• Have you seen The Globe today?

    I try to share what I think are interesting developments in the media biz with you, my loyal readers.

    Of course, I assume that you all go to the Romenesko site every day for all the latest news. And some of you know things before I do, BUT, I wanted to urge you to take a look at the new site launched by my old friends and colleagues at The Boston Globe.

    It’s called bostonglobe.com, not to be confused with boston.com, the Globe’s site since 1995. The new site will have all of the Globe’s content, the old one won’t. The new site will have Web-only content that enhances Globe stories, the old one won’t. Both will have all the sports coverage of Boston teams, I believe.

    The big difference is that, starting Oct. 1, access to the new site will cost you $4 a week (well, $3.99). It’s “free” if you happen to have a subscription of any kind to the print product.

    If you have a minute, take a look around the new site and decide if you’d pay $200 a year to access it. The Globe, like every other media company around (including Texas Student Media, mothership of The Daily Texan), is trying to find ways to make more money on what it has to offer – information you won’t find anywhere else.

    Will this work? Only time will tell. But I applaud the cutting-edge effort that went in to creating the new site. Media companies have to try everything in order to survive. Let me know what you think.

  • A day to remember

    United Flight 175 from Boston heads for the south tower of the World Trade Center on Sept. 11, 2001.
    United Flight 175 from Boston heads for the south tower of the World Trade Center on Sept. 11, 2001.

    I was talking to my friend Denis O'Donnell on Thursday and the topic of Sept. 11, 2001, came up. O'Donnell, a music lover, musician and the man who keeps the bar at the Hole in the Wall humming in the afternoon, paused briefly when I asked him what he remembered about that day. 

    "I remember my then-girlfriend and now-wife and I got into a huge fight that morning," he said. "She came back to the bedroom to tell me I should get up and watch the television. I wanted to tell her to get the hell out, but I got up and saw what was happening, and that kind of ended the argument."

    Everyone has a story about what happened to them that day. Some are mundane, some are incredibly compelling. None will ever be forgotten. 

    I was at home in Milton, Mass., on my day off from working at The Boston Globe. I remember both my kids were home sick from school. My wife was upstairs. I watched the second plane hit the towers and I drove into work and was pretty much gone for the next 36 hours or so as the staff at the paper tried to get its collective head around what had happened. The planes that hit the towers came from Boston.

    I've never witnessed such intensity or emotion in a newsroom.

    Something very similar must have been happening in The Daily Texan newsroom that day 10 years ago. Thanks to the work of our Web team -- headed by Web Editor Gerald Rich and our Multimedia Adviser Jennifer Rubin -- the results of that effort by the Texan staff can be seen here. It's impressive, even 10 years on.

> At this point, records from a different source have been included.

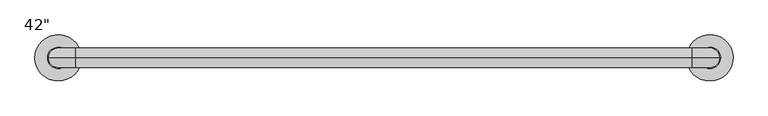
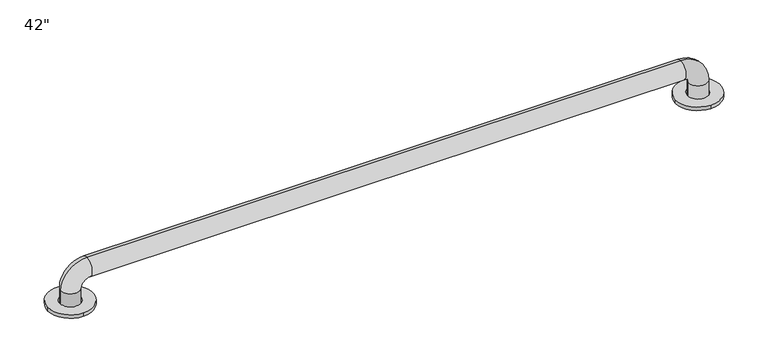
"""IFC4 building model written with IfcOpenShell, lengths in millimetres: proxy geometry."""

import ifcopenshell
import ifcopenshell.guid

model = None  # the IFC model being written
_history = None  # IfcOwnerHistory: only IFC2X3 demands one
_inside = {}  # id of a spatial element -> (the spatial element, [elements in it])
_under = {}  # id of a project, library or spatial element -> (it, [spatial elements below it])
_declared = {}  # id of a project -> (the project, [libraries it declares])
_typed = {}  # id of a type object -> (the type object, [elements of that type])
_made_of = {}  # id of a material, layer set ... -> (it, [elements and type objects made of it])


def new_model(schema):
    """Start an empty IFC model of exactly this schema.

    Asked for "IFC4X3", IfcOpenShell would pick the latest addendum, in which some entities
    have other attributes; the version numbers below select the first issue.
    IFC2X3 requires an IfcOwnerHistory on every rooted entity: one is made here for all.
    """
    global model, _history
    if schema == "IFC4X3":
        model = ifcopenshell.file(schema_version=(4, 3, 0, 0))
    else:
        model = ifcopenshell.file(schema=schema)
    _inside.clear()
    _under.clear()
    _declared.clear()
    _typed.clear()
    _made_of.clear()
    _history = None
    if model.schema == "IFC2X3":
        org = make("IfcOrganization", Name="unknown")
        user = make(
            "IfcPersonAndOrganization",
            ThePerson=make("IfcPerson", FamilyName="unknown"),
            TheOrganization=org,
        )
        app = make(
            "IfcApplication",
            ApplicationDeveloper=org,
            Version="unknown",
            ApplicationFullName="unknown",
            ApplicationIdentifier="unknown",
        )
        _history = make(
            "IfcOwnerHistory",
            OwningUser=user,
            OwningApplication=app,
            ChangeAction="ADDED",
            CreationDate=0,
        )
    return model


def make(cls, **values):
    """One entity of the class cls with the attributes given. An attribute that is None is left unset."""
    return model.create_entity(
        cls, **{name: value for name, value in values.items() if value is not None}
    )


def rooted(cls, **values):
    """An entity with a GlobalId (a new one), such as an element, a storey or a relation."""
    return make(cls, GlobalId=ifcopenshell.guid.new(), OwnerHistory=_history, **values)


def si_unit(unit_type, name, prefix=None):
    """IfcSIUnit, for example si_unit("LENGTHUNIT", "METRE", prefix="MILLI")."""
    return make("IfcSIUnit", UnitType=unit_type, Prefix=prefix, Name=name)


def assignment(units):
    """IfcUnitAssignment: the units of a project."""
    return None if units is None else make("IfcUnitAssignment", Units=units)


def point(xyz):
    """IfcCartesianPoint."""
    return None if xyz is None else make("IfcCartesianPoint", Coordinates=xyz)


def direction(xyz):
    """IfcDirection."""
    return None if xyz is None else make("IfcDirection", DirectionRatios=xyz)


def frame(location, z_axis=None, x_axis=None):
    """IfcAxis2Placement3D, a coordinate frame: its origin and axes. An axis left out is left unset."""
    return make(
        "IfcAxis2Placement3D",
        Location=point(location),
        Axis=direction(z_axis),
        RefDirection=direction(x_axis),
    )


def frame_2d(location, x_axis=None):
    """IfcAxis2Placement2D, a coordinate frame in the plane: its origin and x axis."""
    return make(
        "IfcAxis2Placement2D", Location=point(location), RefDirection=direction(x_axis)
    )


def origin():
    """The frame at (0, 0, 0) with its axes left unset."""
    return frame((0.0, 0.0, 0.0))


def origin_with_axes():
    """The frame at (0, 0, 0) with the z axis (0, 0, 1) and the x axis (1, 0, 0) written out."""
    return frame((0.0, 0.0, 0.0), z_axis=(0.0, 0.0, 1.0), x_axis=(1.0, 0.0, 0.0))


def origin_2d():
    """The frame at (0, 0) in the plane with its x axis left unset."""
    return frame_2d((0.0, 0.0))


def place(relative_to, where):
    """IfcLocalPlacement: puts the frame where relative to a parent placement (None: the world)."""
    return make(
        "IfcLocalPlacement", PlacementRelTo=relative_to, RelativePlacement=where
    )


def context(
    kind, dimensions, precision=None, world=None, true_north=None, identifier=None
):
    """IfcGeometricRepresentationContext, for example the 3D "Model" context."""
    return make(
        "IfcGeometricRepresentationContext",
        ContextIdentifier=identifier,
        ContextType=kind,
        CoordinateSpaceDimension=dimensions,
        Precision=precision,
        WorldCoordinateSystem=world,
        TrueNorth=true_north,
    )


def project(units=None, contexts=None):
    """IfcProject with its units and contexts."""
    return rooted(
        "IfcProject",
        Name="project",
        RepresentationContexts=contexts,
        UnitsInContext=assignment(units),
    )


def spatial(cls, under=None, at=None, **own):
    """A site, building, storey or space (cls), placed at a placement, below another one or the project."""
    s = rooted(cls, ObjectPlacement=at, **own)
    if under is not None:
        _under.setdefault(under.id(), (under, []))[1].append(s)
    return s


def circle_curve(where, radius):
    """IfcCircle in the frame where."""
    return make("IfcCircle", Position=where, Radius=radius)


def ellipse_curve(where, semi_axis1, semi_axis2):
    """IfcEllipse in the frame where."""
    return make(
        "IfcEllipse", Position=where, SemiAxis1=semi_axis1, SemiAxis2=semi_axis2
    )


def trimmed(basis, trim1, trim2, sense, master):
    """IfcTrimmedCurve: the piece of a basis curve between two trims."""
    return make(
        "IfcTrimmedCurve",
        BasisCurve=basis,
        Trim1=trim1,
        Trim2=trim2,
        SenseAgreement=sense,
        MasterRepresentation=master,
    )


def segment(curve, same_sense, transition):
    """IfcCompositeCurveSegment."""
    return make(
        "IfcCompositeCurveSegment",
        Transition=transition,
        SameSense=same_sense,
        ParentCurve=curve,
    )


def composite_curve(segments, self_intersect=None):
    """IfcCompositeCurve: segments joined end to end."""
    return make("IfcCompositeCurve", Segments=segments, SelfIntersect=self_intersect)


def outline(outer, holes=None, kind="AREA"):
    """IfcArbitraryClosedProfileDef: a profile drawn as a closed curve; with holes, ...WithVoids."""
    if holes is None:
        return make("IfcArbitraryClosedProfileDef", ProfileType=kind, OuterCurve=outer)
    return make(
        "IfcArbitraryProfileDefWithVoids",
        ProfileType=kind,
        OuterCurve=outer,
        InnerCurves=holes,
    )


def extrude(swept, where, along, depth):
    """IfcExtrudedAreaSolid: the profile swept, set in the frame where, extruded along a direction by depth."""
    return make(
        "IfcExtrudedAreaSolid",
        SweptArea=swept,
        Position=where,
        ExtrudedDirection=direction(along),
        Depth=depth,
    )


def shape(context_of_items, identifier, shape_type, items):
    """IfcShapeRepresentation: the items that make up one representation, for example the "Body"."""
    return make(
        "IfcShapeRepresentation",
        ContextOfItems=context_of_items,
        RepresentationIdentifier=identifier,
        RepresentationType=shape_type,
        Items=items,
    )


def source(mapping_origin, context_of_items, identifier, shape_type, items):
    """IfcRepresentationMap: a shape defined once, which mapped items show again and again."""
    return make(
        "IfcRepresentationMap",
        MappingOrigin=mapping_origin,
        MappedRepresentation=shape(context_of_items, identifier, shape_type, items),
    )


def transform(
    local_origin,
    x_axis=None,
    y_axis=None,
    z_axis=None,
    scale=None,
    scale2=None,
    scale3=None,
    uniform=True,
):
    """IfcCartesianTransformationOperator3D, or its non-uniform kind. x_axis, y_axis, z_axis: its Axis1, 2, 3."""
    if uniform:
        return make(
            "IfcCartesianTransformationOperator3D",
            Axis1=direction(x_axis),
            Axis2=direction(y_axis),
            LocalOrigin=point(local_origin),
            Scale=scale,
            Axis3=direction(z_axis),
        )
    return make(
        "IfcCartesianTransformationOperator3DnonUniform",
        Axis1=direction(x_axis),
        Axis2=direction(y_axis),
        LocalOrigin=point(local_origin),
        Scale=scale,
        Axis3=direction(z_axis),
        Scale2=scale2,
        Scale3=scale3,
    )


def mapped(mapping_source, mapping_target):
    """IfcMappedItem: shows the shape of a source again, moved by a transform."""
    return make(
        "IfcMappedItem", MappingSource=mapping_source, MappingTarget=mapping_target
    )


def made_of(thing, what):
    """Note that an element or type object is made of a material, layer set ...; save() writes the relation."""
    if what is not None:
        _made_of.setdefault(what.id(), (what, []))[1].append(thing)
    return thing


def element(
    cls,
    number,
    at=None,
    inside=None,
    cuts=None,
    type_object=None,
    material=None,
    context=None,
    identifier="Body",
    shape_type=None,
    held_by="IfcProductDefinitionShape",
    body=None,
    shapes=None,
    **own,
):
    """One element of the class cls, such as IfcWall. Its Tag is "e" and its number.

    at: its placement. inside: the storey or other place that contains it. cuts: it is an
    opening in that element (IfcRelVoidsElement). A single representation is given by context,
    identifier, shape_type and body (its items); several are given by shapes. held_by: the class
    of the entity that holds the representations. save() writes the other relations.
    """
    e = rooted(cls, Tag="e%d" % number, ObjectPlacement=at, **own)
    if body is not None:
        shapes = [shape(context, identifier, shape_type, body)]
    if shapes is not None:
        e.Representation = make(held_by, Representations=shapes)
    if inside is not None:
        _inside.setdefault(inside.id(), (inside, []))[1].append(e)
    if cuts is not None:
        rooted(
            "IfcRelVoidsElement", RelatingBuildingElement=cuts, RelatedOpeningElement=e
        )
    if type_object is not None:
        _typed.setdefault(type_object.id(), (type_object, []))[1].append(e)
    return made_of(e, material)


def aggregate(whole, parts):
    """IfcRelAggregates: a whole, such as a stair, and the parts it consists of."""
    return rooted("IfcRelAggregates", RelatingObject=whole, RelatedObjects=parts)


def save(model, path):
    """Write the relations noted so far, then the file.

    IfcRelAggregates (storeys below a building ...), IfcRelContainedInSpatialStructure (elements
    in a storey), IfcRelDefinesByType, IfcRelAssociatesMaterial and IfcRelDeclares: one each for
    every whole, place, type object, material and project.
    """
    for whole, parts in _under.values():
        aggregate(whole, parts)
    for where, things in _inside.values():
        rooted(
            "IfcRelContainedInSpatialStructure",
            RelatedElements=things,
            RelatingStructure=where,
        )
    for kind, things in _typed.values():
        rooted("IfcRelDefinesByType", RelatedObjects=things, RelatingType=kind)
    for what, things in _made_of.values():
        rooted("IfcRelAssociatesMaterial", RelatedObjects=things, RelatingMaterial=what)
    for by, libraries in _declared.values():
        rooted("IfcRelDeclares", RelatingContext=by, RelatedDefinitions=libraries)
    model.write(path)


def plane_surface(at):
    """IfcPlane: the flat surface through the origin of the frame at, square to its z axis."""
    return make("IfcPlane", Position=at)


def cylinder_surface(at, radius):
    """IfcCylindricalSurface: all points at the distance radius from the z axis of the frame at."""
    return make("IfcCylindricalSurface", Position=at, Radius=radius)


def revolved_surface(curve, axis_point, axis_direction):
    """IfcSurfaceOfRevolution: the curve turned about the line through axis_point along axis_direction."""
    return make(
        "IfcSurfaceOfRevolution",
        SweptCurve=make("IfcArbitraryOpenProfileDef", ProfileType="CURVE", Curve=curve),
        AxisPosition=make("IfcAxis1Placement", Location=point(axis_point), Axis=direction(axis_direction)),
    )


def advanced_brep(points, edges, surfaces, faces):
    """IfcAdvancedBrep: a solid bounded by faces that lie on surfaces and meet in shared edges.

    An edge is (start, end): straight between two places in points (the first is 0);
    or (start, end, curve); or (start, end, curve, False) where it runs against its curve.
    A face is (place in surfaces, loops), or (place, loops, False) where it looks against
    its surface's normal. A loop lists edges by number (the first is 1), with a minus sign
    where the edge is run from its end to its start. The first loop is the outer one.
    """
    corners = [point(p) for p in points]
    vertices = [make("IfcVertexPoint", VertexGeometry=c) for c in corners]
    made = []
    for start, end, *more in edges:
        made.append(
            make(
                "IfcEdgeCurve",
                EdgeStart=vertices[start],
                EdgeEnd=vertices[end],
                EdgeGeometry=more[0] if more else make("IfcPolyline", Points=[corners[start], corners[end]]),
                SameSense=more[1] if len(more) > 1 else True,
            )
        )
    hull = []
    for where, loops, *sense in faces:
        bounds = []
        for j, loop in enumerate(loops):
            ring = [make("IfcOrientedEdge", EdgeElement=made[abs(k) - 1], Orientation=k > 0) for k in loop]
            bounds.append(
                make(
                    "IfcFaceOuterBound" if j == 0 else "IfcFaceBound",
                    Bound=make("IfcEdgeLoop", EdgeList=ring),
                    Orientation=True,
                )
            )
        hull.append(make("IfcAdvancedFace", Bounds=bounds, FaceSurface=surfaces[where], SameSense=sense[0] if sense else True))
    return make("IfcAdvancedBrep", Outer=make("IfcClosedShell", CfsFaces=hull))


def proxy_a4e7295d(model_context):
    return source(origin(), model_context, "Body", "SolidModel", [
        extrude(outline(composite_curve([segment(trimmed(circle_curve(frame_2d((1066.8, 0.0)), 38.1), [point((1028.7, 0.0))], [point((1066.8, -38.1))], False, "CARTESIAN"), True, "CONTINUOUS"), segment(trimmed(circle_curve(frame_2d((1066.8, 0.0)), 38.1), [point((1066.8, -38.1))], [point((1028.7, 0.0))], False, "CARTESIAN"), True, "CONTINUOUS")], self_intersect=False), holes=[composite_curve([segment(trimmed(circle_curve(frame_2d((1066.8, 0.0)), 17.4625), [point((1049.3375, 0.0))], [point((1066.8, -17.4625))], True, "CARTESIAN"), True, "CONTINUOUS"), segment(trimmed(circle_curve(frame_2d((1066.8, 0.0)), 17.4625), [point((1066.8, -17.4625))], [point((1049.3375, 0.0))], True, "CARTESIAN"), True, "CONTINUOUS")], self_intersect=False)]), origin_with_axes(), (0.0, 0.0, 1.0), 6.35),
        extrude(outline(composite_curve([segment(trimmed(circle_curve(origin_2d(), 38.1), [point((-38.1, 0.0))], [point((0.0, -38.1))], False, "CARTESIAN"), True, "CONTINUOUS"), segment(trimmed(circle_curve(origin_2d(), 38.1), [point((0.0, -38.1))], [point((-38.1, 0.0))], False, "CARTESIAN"), True, "CONTINUOUS")], self_intersect=False), holes=[composite_curve([segment(trimmed(circle_curve(origin_2d(), 17.4625), [point((-17.4625, 0.0))], [point((0.0, -17.4625))], True, "CARTESIAN"), True, "CONTINUOUS"), segment(trimmed(circle_curve(origin_2d(), 17.4625), [point((0.0, -17.4625))], [point((-17.4625, 0.0))], True, "CARTESIAN"), True, "CONTINUOUS")], self_intersect=False)]), origin_with_axes(), (0.0, 0.0, 1.0), 6.35),
        advanced_brep(
        [(1082.675, 0.0, 0.0), (1050.925, 0.0, 0.0), (1082.675, 0.0, 28.575), (1050.925, 0.0, 28.575), (1038.225, 0.0, 41.275), (1038.225, 0.0, 73.025), (28.575, 0.0, 73.025), (28.575, 0.0, 41.275), (15.875, 0.0, 28.575), (-15.875, 0.0, 28.575), (-15.875, 0.0, 0.0), (15.875, 0.0, 0.0)],
        [
            (0, 1, circle_curve(frame((1066.8, 0.0, 0.0), z_axis=(0.0, 0.0, -1.0), x_axis=(-1.0, 0.0, 0.0)), 15.875)),
            (1, 0, circle_curve(frame((1066.8, 0.0, 0.0), z_axis=(0.0, 0.0, -1.0), x_axis=(-1.0, 0.0, 0.0)), 15.875)),
            (0, 2),
            (2, 3, circle_curve(frame((1066.8, 0.0, 28.575), z_axis=(0.0, 0.0, -1.0), x_axis=(-1.0, 0.0, 0.0)), 15.875)),
            (3, 1),
            (3, 2, circle_curve(frame((1066.8, 0.0, 28.575), z_axis=(0.0, 0.0, -1.0), x_axis=(-1.0, 0.0, 0.0)), 15.875)),
            (4, 3, circle_curve(frame((1038.225, 0.0, 28.575), z_axis=(0.0, 1.0, 0.0), x_axis=(1.0, 0.0, 0.0)), 12.7)),
            (2, 5, circle_curve(frame((1038.225, 0.0, 28.575), z_axis=(0.0, -1.0, 0.0), x_axis=(1.0, 0.0, 0.0)), 44.45)),
            (5, 4, circle_curve(frame((1038.225, 0.0, 57.15), z_axis=(1.0, 0.0, 0.0), x_axis=(0.0, 0.0, -1.0)), 15.875)),
            (4, 5, circle_curve(frame((1038.225, 0.0, 57.15), z_axis=(1.0, 0.0, 0.0), x_axis=(0.0, 0.0, -1.0)), 15.875)),
            (5, 6),
            (6, 7, circle_curve(frame((28.575, 0.0, 57.15), z_axis=(1.0, 0.0, 0.0), x_axis=(0.0, 0.0, -1.0)), 15.875)),
            (7, 4),
            (7, 6, circle_curve(frame((28.575, 0.0, 57.15), z_axis=(1.0, 0.0, 0.0), x_axis=(0.0, 0.0, -1.0)), 15.875)),
            (8, 7, circle_curve(frame((28.575, 0.0, 28.575), z_axis=(0.0, 1.0, 0.0), x_axis=(0.0, 0.0, 1.0)), 12.7)),
            (6, 9, circle_curve(frame((28.575, 0.0, 28.575), z_axis=(0.0, -1.0, 0.0), x_axis=(0.0, 0.0, 1.0)), 44.45)),
            (9, 8, circle_curve(frame((0.0, 0.0, 28.575), z_axis=(0.0, 0.0, 1.0), x_axis=(1.0, 0.0, 0.0)), 15.875)),
            (8, 9, circle_curve(frame((0.0, 0.0, 28.575), z_axis=(0.0, 0.0, 1.0), x_axis=(1.0, 0.0, 0.0)), 15.875)),
            (10, 11, circle_curve(frame((0.0, 0.0, 0.0), z_axis=(0.0, 0.0, -1.0), x_axis=(1.0, 0.0, 0.0)), 15.875)),
            (11, 10, circle_curve(frame((0.0, 0.0, 0.0), z_axis=(0.0, 0.0, -1.0), x_axis=(1.0, 0.0, 0.0)), 15.875)),
            (9, 10),
            (11, 8),
        ],
        [
            plane_surface(frame((1066.8, 0.0, 0.0), z_axis=(0.0, 0.0, -1.0), x_axis=(0.0, -1.0, 0.0))),
            cylinder_surface(frame((1066.8, 0.0, 0.0), z_axis=(0.0, 0.0, -1.0), x_axis=(-1.0, 0.0, 0.0)), 15.875),
            revolved_surface(trimmed(ellipse_curve(frame((1066.8, 0.0, 28.575), z_axis=(0.0, 0.0, -1.0), x_axis=(-1.0, 0.0, 0.0)), 15.875, 15.875), [point((1082.675, 0.0, 28.575))], [point((1050.925, 0.0, 28.575))], True, "CARTESIAN"), (1038.225, 0.0, 28.575), (0.0, -1.0, 0.0)),
            revolved_surface(trimmed(ellipse_curve(frame((1066.8, 0.0, 28.575), z_axis=(0.0, 0.0, -1.0), x_axis=(-1.0, 0.0, 0.0)), 15.875, 15.875), [point((1050.925, 0.0, 28.575))], [point((1082.675, 0.0, 28.575))], True, "CARTESIAN"), (1038.225, 0.0, 28.575), (0.0, -1.0, 0.0)),
            cylinder_surface(frame((1038.225, 0.0, 57.15), z_axis=(1.0, 0.0, 0.0), x_axis=(0.0, 0.0, -1.0)), 15.875),
            revolved_surface(trimmed(ellipse_curve(frame((28.575, 0.0, 57.15), z_axis=(1.0, 0.0, 0.0), x_axis=(0.0, 0.0, -1.0)), 15.875, 15.875), [point((28.575, 0.0, 73.025))], [point((28.575, 0.0, 41.275))], True, "CARTESIAN"), (28.575, 0.0, 28.575), (0.0, -1.0, 0.0)),
            revolved_surface(trimmed(ellipse_curve(frame((28.575, 0.0, 57.15), z_axis=(1.0, 0.0, 0.0), x_axis=(0.0, 0.0, -1.0)), 15.875, 15.875), [point((28.575, 0.0, 41.275))], [point((28.575, 0.0, 73.025))], True, "CARTESIAN"), (28.575, 0.0, 28.575), (0.0, -1.0, 0.0)),
            plane_surface(frame((0.0, 0.0, 0.0), z_axis=(0.0, 0.0, -1.0), x_axis=(0.0, -1.0, 0.0))),
            cylinder_surface(frame((0.0, 0.0, 28.575), z_axis=(0.0, 0.0, 1.0), x_axis=(1.0, 0.0, 0.0)), 15.875),
        ],
        [
            (0, [[1, 2]]),
            (1, [[-1, 3, 4, 5]]),
            (1, [[-2, -5, 6, -3]]),
            (2, [[7, -4, 8, 9]]),
            (3, [[-8, -6, -7, 10]]),
            (4, [[-9, 11, 12, 13]]),
            (4, [[-10, -13, 14, -11]]),
            (5, [[15, -12, 16, 17]]),
            (6, [[-16, -14, -15, 18]]),
            (7, [[19, 20]]),
            (8, [[-17, 21, -20, 22]]),
            (8, [[-18, -22, -19, -21]]),
        ],
    ),
    ])


if __name__ == "__main__":
    model = new_model("IFC4")
    model_context = context("Model", 3, world=origin())
    ifc_project = project(units=[si_unit("LENGTHUNIT", "METRE", prefix="MILLI")], contexts=[model_context])
    site = spatial("IfcSite", under=ifc_project)
    building = spatial("IfcBuilding", under=site)
    placement = place(None, origin())
    proxy_shape = proxy_a4e7295d(model_context)
    element("IfcBuildingElementProxy", 1, Name="Seqm-Grab Bar : 42\"", ObjectType="Seqm-Grab Bar : 42\"", at=placement, inside=building, context=model_context, shape_type="MappedRepresentation", body=[
        mapped(proxy_shape, transform((0.0, 0.0, 0.0), x_axis=(1.0, 0.0, 0.0), y_axis=(0.0, 1.0, 0.0), z_axis=(0.0, 0.0, 1.0))),
    ])
    save(model, "model.ifc")

# Revit data of these elements
# Type "Seqm-Grab Bar : 42\""
#   Spec Number = "10 28 00"
#   Spec Description = "42\" GRAB BAR"
#   Length = 3' - 6"
#   Default Elevation = 4' - 0"
#   Grab Bar Material = GRAB BARS - AT ADA RESTROOMS ONLY
# Element 1 (IfcBuildingElementProxy, "Seqm-Grab Bar : 42\"")
#   Materials on its faces: "GRAB BARS - AT ADA RESTROOMS ONLY"
# Materials
#   "GRAB BARS - AT ADA RESTROOMS ONLY": class "Generic", colour RGB 120 120 120, transparency 0, Cost = 0

    Also impressive is the 10th anniversary 9/11 edition put out Friday by our current Texan staff. I particularly recommend this story as an entry point for the total package. The paper, like the one 10  years ago, shows a breadth and depth of coverage that is truly professional. I can't offer a higher compliment to Texan staffers past and present.

  • The matter is tabled


    I haven’t been around the Texan all that long, but I get the sense that in the past all we had to do to get a tidal wave of tryouts at the start of a semester was to make sure the door to the basement was unlocked.

    After all, having a key job at the Texan figure prominently on your resume was a pretty good entrée to the wild world of journalism, where the people who owned the presses seemed to print money along with papers.

    We all know how that has changed, and so has the flow of tryouts through the doors of the Texan.

    So we have to try different things to attract the interest of potential employees – and readers. Among them is the ancient art of “tabling,” which Texan staffers did Wednesday at the very popular “Party on the Plaza.”

    Thanks to assistant Texas Student Media director Jalah Goette and her team, the Texan has a table at this TSM-sponsored event to help spread the word about the good work that we do.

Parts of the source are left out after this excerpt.